> _Task item_
What is needed here is an exact repetition of the records below, beginning at the line that has "#607=VERTEX_POINT('',#931);" and stopping after the line that has "#1008=CARTESIAN_POINT('',(20.624,-18.196,21.205));".

> _Record extracts_

────────────────

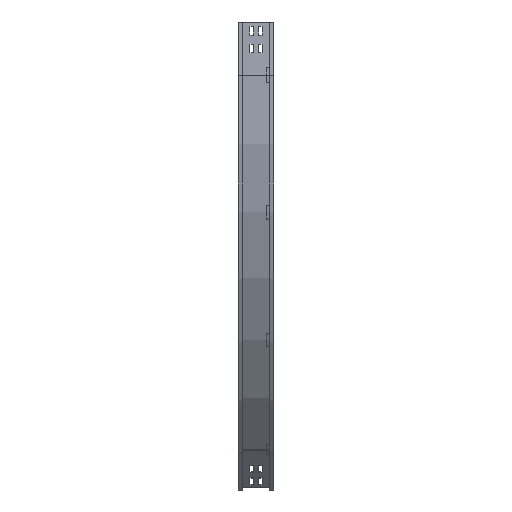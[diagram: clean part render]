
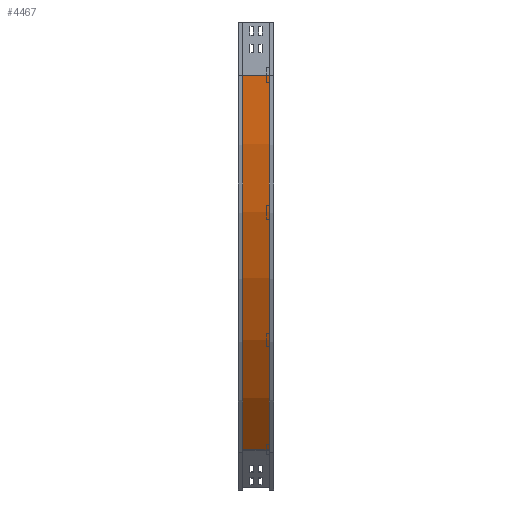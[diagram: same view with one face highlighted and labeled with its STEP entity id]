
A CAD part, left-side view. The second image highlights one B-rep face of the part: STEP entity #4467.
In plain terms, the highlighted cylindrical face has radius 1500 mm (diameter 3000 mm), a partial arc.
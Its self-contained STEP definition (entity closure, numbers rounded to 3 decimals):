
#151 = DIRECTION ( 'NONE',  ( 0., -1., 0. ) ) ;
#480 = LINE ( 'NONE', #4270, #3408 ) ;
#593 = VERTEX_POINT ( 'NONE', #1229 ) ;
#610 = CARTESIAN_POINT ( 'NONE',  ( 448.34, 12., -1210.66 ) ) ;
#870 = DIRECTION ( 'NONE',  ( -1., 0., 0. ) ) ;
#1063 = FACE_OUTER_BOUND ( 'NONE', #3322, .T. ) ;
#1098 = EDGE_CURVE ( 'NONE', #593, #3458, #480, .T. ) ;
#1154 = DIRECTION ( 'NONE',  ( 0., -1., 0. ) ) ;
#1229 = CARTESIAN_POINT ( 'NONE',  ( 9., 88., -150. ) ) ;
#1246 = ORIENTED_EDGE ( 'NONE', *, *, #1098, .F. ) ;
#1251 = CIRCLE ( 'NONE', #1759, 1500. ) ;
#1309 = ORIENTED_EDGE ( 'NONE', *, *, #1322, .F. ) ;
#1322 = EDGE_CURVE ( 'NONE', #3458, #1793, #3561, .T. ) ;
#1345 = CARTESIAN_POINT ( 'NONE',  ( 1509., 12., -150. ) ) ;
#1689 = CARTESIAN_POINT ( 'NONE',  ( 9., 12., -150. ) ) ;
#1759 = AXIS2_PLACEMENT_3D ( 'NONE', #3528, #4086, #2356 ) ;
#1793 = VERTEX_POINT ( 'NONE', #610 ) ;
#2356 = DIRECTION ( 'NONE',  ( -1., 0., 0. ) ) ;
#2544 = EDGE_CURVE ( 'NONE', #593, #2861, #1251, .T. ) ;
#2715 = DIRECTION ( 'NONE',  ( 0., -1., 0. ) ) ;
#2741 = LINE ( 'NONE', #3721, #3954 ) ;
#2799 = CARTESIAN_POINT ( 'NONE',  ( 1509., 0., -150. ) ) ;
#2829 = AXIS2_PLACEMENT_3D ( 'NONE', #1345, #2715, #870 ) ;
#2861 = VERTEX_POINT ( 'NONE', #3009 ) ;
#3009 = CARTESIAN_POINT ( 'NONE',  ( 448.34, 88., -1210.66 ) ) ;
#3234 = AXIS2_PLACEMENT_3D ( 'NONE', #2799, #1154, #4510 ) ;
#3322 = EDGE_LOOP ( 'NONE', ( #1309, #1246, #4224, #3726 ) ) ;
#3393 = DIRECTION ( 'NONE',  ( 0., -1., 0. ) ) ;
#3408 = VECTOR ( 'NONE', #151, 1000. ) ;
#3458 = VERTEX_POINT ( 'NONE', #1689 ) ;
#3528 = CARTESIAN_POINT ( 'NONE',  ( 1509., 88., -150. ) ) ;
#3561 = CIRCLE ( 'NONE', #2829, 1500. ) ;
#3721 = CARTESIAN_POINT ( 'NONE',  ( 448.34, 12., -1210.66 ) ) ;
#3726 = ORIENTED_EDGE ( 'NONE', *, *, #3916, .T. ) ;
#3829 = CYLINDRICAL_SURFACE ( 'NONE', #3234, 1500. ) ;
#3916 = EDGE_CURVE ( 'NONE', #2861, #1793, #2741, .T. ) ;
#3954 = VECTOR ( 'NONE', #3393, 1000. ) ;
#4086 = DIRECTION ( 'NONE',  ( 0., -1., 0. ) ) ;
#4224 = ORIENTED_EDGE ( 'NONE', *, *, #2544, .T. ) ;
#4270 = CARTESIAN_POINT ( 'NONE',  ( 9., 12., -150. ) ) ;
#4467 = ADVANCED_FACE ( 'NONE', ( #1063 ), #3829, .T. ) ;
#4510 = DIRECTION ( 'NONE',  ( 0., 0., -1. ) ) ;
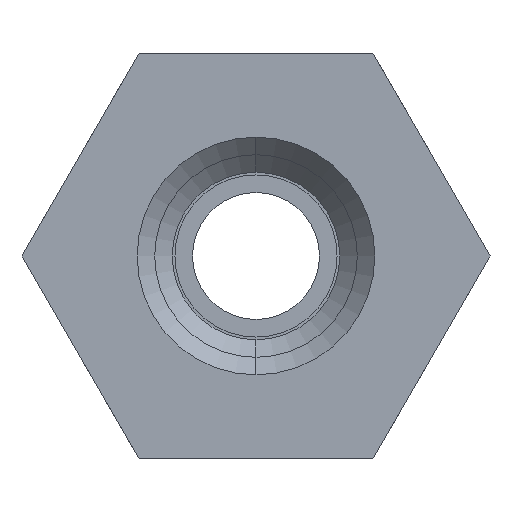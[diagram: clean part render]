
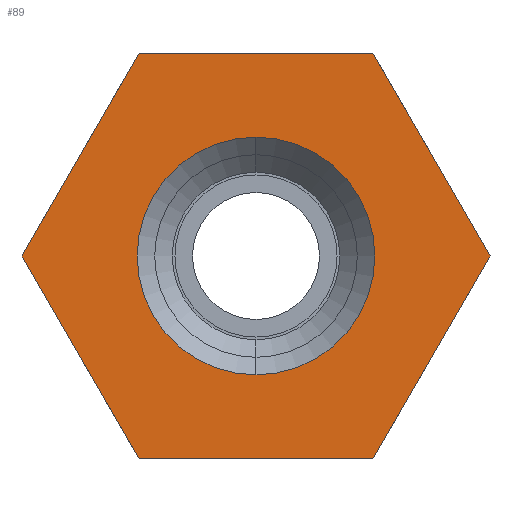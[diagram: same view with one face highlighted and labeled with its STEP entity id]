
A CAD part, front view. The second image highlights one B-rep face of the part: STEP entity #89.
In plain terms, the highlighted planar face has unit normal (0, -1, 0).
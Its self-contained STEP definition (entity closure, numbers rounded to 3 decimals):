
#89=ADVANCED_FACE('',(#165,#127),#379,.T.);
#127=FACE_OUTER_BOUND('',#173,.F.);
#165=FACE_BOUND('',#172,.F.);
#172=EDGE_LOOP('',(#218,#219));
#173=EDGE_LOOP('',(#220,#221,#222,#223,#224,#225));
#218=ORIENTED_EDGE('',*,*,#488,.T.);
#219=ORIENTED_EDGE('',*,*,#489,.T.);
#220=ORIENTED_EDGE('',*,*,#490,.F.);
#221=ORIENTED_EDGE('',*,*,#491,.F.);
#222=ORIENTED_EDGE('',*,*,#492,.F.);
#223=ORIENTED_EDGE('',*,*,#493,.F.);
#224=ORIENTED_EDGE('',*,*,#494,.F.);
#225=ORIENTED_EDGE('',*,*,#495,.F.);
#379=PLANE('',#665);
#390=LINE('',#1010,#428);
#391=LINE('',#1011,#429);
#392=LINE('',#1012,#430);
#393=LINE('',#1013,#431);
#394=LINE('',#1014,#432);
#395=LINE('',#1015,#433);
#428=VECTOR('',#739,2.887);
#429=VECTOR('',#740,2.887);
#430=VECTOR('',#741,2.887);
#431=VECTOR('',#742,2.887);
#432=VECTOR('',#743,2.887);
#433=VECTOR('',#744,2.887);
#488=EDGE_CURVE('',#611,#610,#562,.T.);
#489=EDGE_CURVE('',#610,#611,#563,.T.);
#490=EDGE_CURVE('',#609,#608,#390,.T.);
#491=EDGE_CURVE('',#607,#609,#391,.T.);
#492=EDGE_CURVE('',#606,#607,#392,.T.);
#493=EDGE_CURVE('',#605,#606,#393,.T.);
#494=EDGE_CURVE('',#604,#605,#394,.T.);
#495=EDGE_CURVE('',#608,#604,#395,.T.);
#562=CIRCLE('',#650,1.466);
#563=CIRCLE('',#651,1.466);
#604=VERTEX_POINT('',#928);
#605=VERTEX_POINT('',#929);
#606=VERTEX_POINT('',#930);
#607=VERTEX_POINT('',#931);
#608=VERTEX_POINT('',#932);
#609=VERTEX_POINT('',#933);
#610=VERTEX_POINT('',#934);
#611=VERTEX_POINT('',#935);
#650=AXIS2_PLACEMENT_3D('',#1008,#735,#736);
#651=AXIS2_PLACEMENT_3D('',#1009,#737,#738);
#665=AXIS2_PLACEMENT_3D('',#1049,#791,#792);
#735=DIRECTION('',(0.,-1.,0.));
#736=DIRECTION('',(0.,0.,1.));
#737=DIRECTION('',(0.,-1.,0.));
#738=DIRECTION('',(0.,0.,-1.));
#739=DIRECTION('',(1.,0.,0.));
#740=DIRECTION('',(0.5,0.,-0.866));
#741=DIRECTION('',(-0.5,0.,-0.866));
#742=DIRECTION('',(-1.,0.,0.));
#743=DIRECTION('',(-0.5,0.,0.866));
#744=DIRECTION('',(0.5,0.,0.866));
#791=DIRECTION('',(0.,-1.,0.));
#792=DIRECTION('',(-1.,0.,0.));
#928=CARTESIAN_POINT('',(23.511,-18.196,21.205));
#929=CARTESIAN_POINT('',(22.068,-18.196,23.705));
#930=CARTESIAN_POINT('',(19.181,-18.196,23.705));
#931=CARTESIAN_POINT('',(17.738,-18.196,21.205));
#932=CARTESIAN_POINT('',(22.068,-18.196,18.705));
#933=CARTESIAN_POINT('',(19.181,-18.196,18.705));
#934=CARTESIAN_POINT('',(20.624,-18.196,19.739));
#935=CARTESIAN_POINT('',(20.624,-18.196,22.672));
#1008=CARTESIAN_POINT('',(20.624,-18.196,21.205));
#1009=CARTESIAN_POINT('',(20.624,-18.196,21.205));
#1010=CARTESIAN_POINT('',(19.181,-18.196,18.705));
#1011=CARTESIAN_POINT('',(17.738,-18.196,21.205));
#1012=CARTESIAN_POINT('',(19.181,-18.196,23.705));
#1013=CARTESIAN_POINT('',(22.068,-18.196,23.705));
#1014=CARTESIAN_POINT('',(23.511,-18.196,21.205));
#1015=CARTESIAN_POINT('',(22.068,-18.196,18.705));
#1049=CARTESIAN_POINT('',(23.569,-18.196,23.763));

────────────────

> _Problem solution_
#607=VERTEX_POINT('',#931);
#608=VERTEX_POINT('',#932);
#609=VERTEX_POINT('',#933);
#610=VERTEX_POINT('',#934);
#611=VERTEX_POINT('',#935);
#650=AXIS2_PLACEMENT_3D('',#1008,#735,#736);
#651=AXIS2_PLACEMENT_3D('',#1009,#737,#738);
#665=AXIS2_PLACEMENT_3D('',#1049,#791,#792);
#735=DIRECTION('',(0.,-1.,0.));
#736=DIRECTION('',(0.,0.,1.));
#737=DIRECTION('',(0.,-1.,0.));
#738=DIRECTION('',(0.,0.,-1.));
#739=DIRECTION('',(1.,0.,0.));
#740=DIRECTION('',(0.5,0.,-0.866));
#741=DIRECTION('',(-0.5,0.,-0.866));
#742=DIRECTION('',(-1.,0.,0.));
#743=DIRECTION('',(-0.5,0.,0.866));
#744=DIRECTION('',(0.5,0.,0.866));
#791=DIRECTION('',(0.,-1.,0.));
#792=DIRECTION('',(-1.,0.,0.));
#928=CARTESIAN_POINT('',(23.511,-18.196,21.205));
#929=CARTESIAN_POINT('',(22.068,-18.196,23.705));
#930=CARTESIAN_POINT('',(19.181,-18.196,23.705));
#931=CARTESIAN_POINT('',(17.738,-18.196,21.205));
#932=CARTESIAN_POINT('',(22.068,-18.196,18.705));
#933=CARTESIAN_POINT('',(19.181,-18.196,18.705));
#934=CARTESIAN_POINT('',(20.624,-18.196,19.739));
#935=CARTESIAN_POINT('',(20.624,-18.196,22.672));
#1008=CARTESIAN_POINT('',(20.624,-18.196,21.205));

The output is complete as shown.